Approximation Algorithm
- Select K points as initial centroids.
- Repeat:
- Form K clusters by assigning each point to its closest centroid.
- Re-compute the centroid of each cluster.
- Until centroids do not change or M iterations reached.
Centroids
If x represents the vectors in a cluster c, then the centroid \mu(c) is the mean of the vectors:
\mu(c) = \frac{1}{|c|} \sum_{x \in c} x
Distance Metrics
- Euclidean distance (L2 norm): L(x, y) = \sqrt{\sum{i=1}^{m} (xi - y_i)^2}
- L1 norm: L1(x, y) = \sum{i=1}^{m} |xi - yi|
- Cosine Similarity: 1 - \frac{x \cdot y}{||x|| \cdot ||y||}
Adjustments to K-Means
- Multiple runs with different initial centroids.
- k-means++ algorithm (select distant points as initial centers).
- Termination conditions: fixed iterations, unchanged partition, or stable centroids.
Time Complexity of K-Means
O(iknm)
- m = vector size
- n = number of vectors
- k = number of clusters
- i = iterations
Evaluation Metrics for K-Means
- Inertia: Sum of distances of points within a cluster from its centroid.
- Dunn Index: Ratio of minimum inter-cluster distance to maximum intra-cluster distance.
K-Means Difficulties
- Varying cluster sizes and densities.
- Non-globular shapes.
- Outliers.
Choosing the Right Number of Clusters
Use the elbow method: plot inertia vs. number of clusters.
Evaluating K-Means Clusters
Sum of Squared Error (SSE):
SSE = \sum{i=1}^{k} \sum{x \in Ci} dist(x, mi)^2
Limitations of K-Means
- Problems with varying sizes, densities and non-globular shapes.
- Outliers.
Hierarchical Clustering
- Agglomerative (bottom-up): merge closest clusters.
- Divisive (top-down): split a cluster.
Agglomerative Clustering Algorithm
- Compute the distance matrix.
- Let each data point be a cluster.
- Repeat:
- Merge the two closest clusters.
- Update the distance matrix.
- Until a single cluster remains.
Distance Between Two Clusters
- Center of Gravity: Distance between centroids.
- Average Link: Average distance between all pairs of points.
- Single Link: Distance between the two closest points.
- Complete Link: Distance between the furthest points.
Dendrogram
A tree diagram illustrating the arrangement of clusters.
Hierarchical Agglomerative Clustering (HAC)
- Starts with unclustered data and forms larger clusters.
- Results in a hierarchy of clusters (dendrogram).
HAC Procedure
- Place each document in its own cluster.
- Compute pairwise document similarity.
- Form a new cluster by combining the most similar pair.
- Update the similarity matrix.
- Repeat until one cluster is left.
General HAC Algorithm and Complexity
- Compute similarity between all pairs of documents.
- Do N – 1 times
- Find closest pair of documents/clusters to merge.

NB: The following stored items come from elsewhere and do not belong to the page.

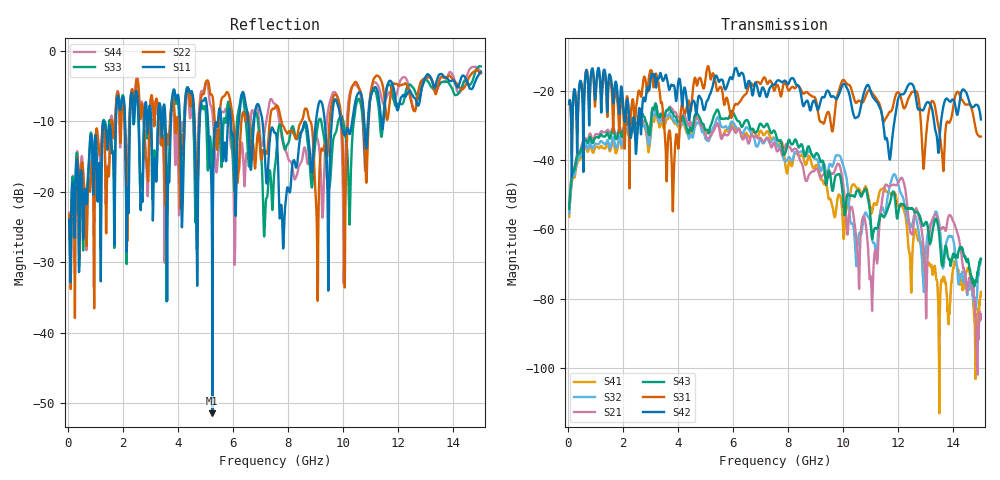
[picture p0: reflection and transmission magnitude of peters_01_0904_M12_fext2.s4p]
# MHZ S RI R 50.00
! FREQ  S11  S12  S13  S14
!  S21  S22  S23  S24
!  S31  S32  S33  S34
!  S41  S42  S43  S44
!  REAL  IMAG  REAL  IMAG  REAL  IMAG  REAL  IMAG
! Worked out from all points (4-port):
!   1496 points, 50 MHz to 15 GHz, reference 50 ohm
!   strongest paths, dB at 50 MHz, 3.79 GHz, 7.53 GHz, 11.27 GHz, 15 GHz:
!     S42: -23.7, -18.4, -18.0, -23.8, -28.3
!     S31: -23.8, -45.4, -19.4, -23.1, -33.2
!     S43: -54.1, -26.2, -31.9, -59.1, -68.5
!     S21: -53.5, -25.2, -35.7, -65.4, -84.4
!     S32: -55.5, -27.6, -34.1, -60.1, -68.8
!     S41: -56.3, -28.1, -34.1, -51.0, -78.0
!   lowest |S11| = -51.4 dB at 5.25 GHz (marker M1), VSWR 1.01, Z = 50.3 - j0.0491 ohm
!   |S11| at or under -10 dB: start of sweep to 1.295 GHz; 1.309 GHz to 1.75 GHz (440.9 MHz wide, 28.8 % of centre); 7.07 GHz to 9.01 GHz (1.94 GHz wide, 24.1 % of centre)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
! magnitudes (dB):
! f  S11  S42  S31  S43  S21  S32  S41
! 50 MHz  -24.0  -23.7  -23.8  -54.1  -53.5  -55.5  -56.3
! 3.02 GHz  -9.1  -16.2  -14.1  -29.6  -28.6  -31.2  -32.3
! 3.82 GHz  -5.9  -18.5  -54.8  -26.6  -25.6  -28.0  -28.6
! 5.25 GHz  -51.4  -19.1  -15.1  -28.7  -32.2  -31.1  -31.7
! 11.02 GHz  -6.2  -20.8  -20.2  -60.2  -75.9  -60.1  -55.3
! 12.13 GHz  -6.5  -21.0  -23.1  -52.6  -45.1  -50.1  -53.3
! 15 GHz  -3.0  -28.3  -33.2  -68.5  -84.4  -68.8  -78.0

- Update similarity of all documents/clusters to new cluster.
Divisive Clustering Algorithm
- Start with all documents in one cluster.
- Split the cluster using a partitioning algorithm (e.g., k-means).
- Apply recursively until each document is in its own cluster.
How to Label Clusters
- Show titles of typical documents.
- Show words/phrases prominent in the cluster.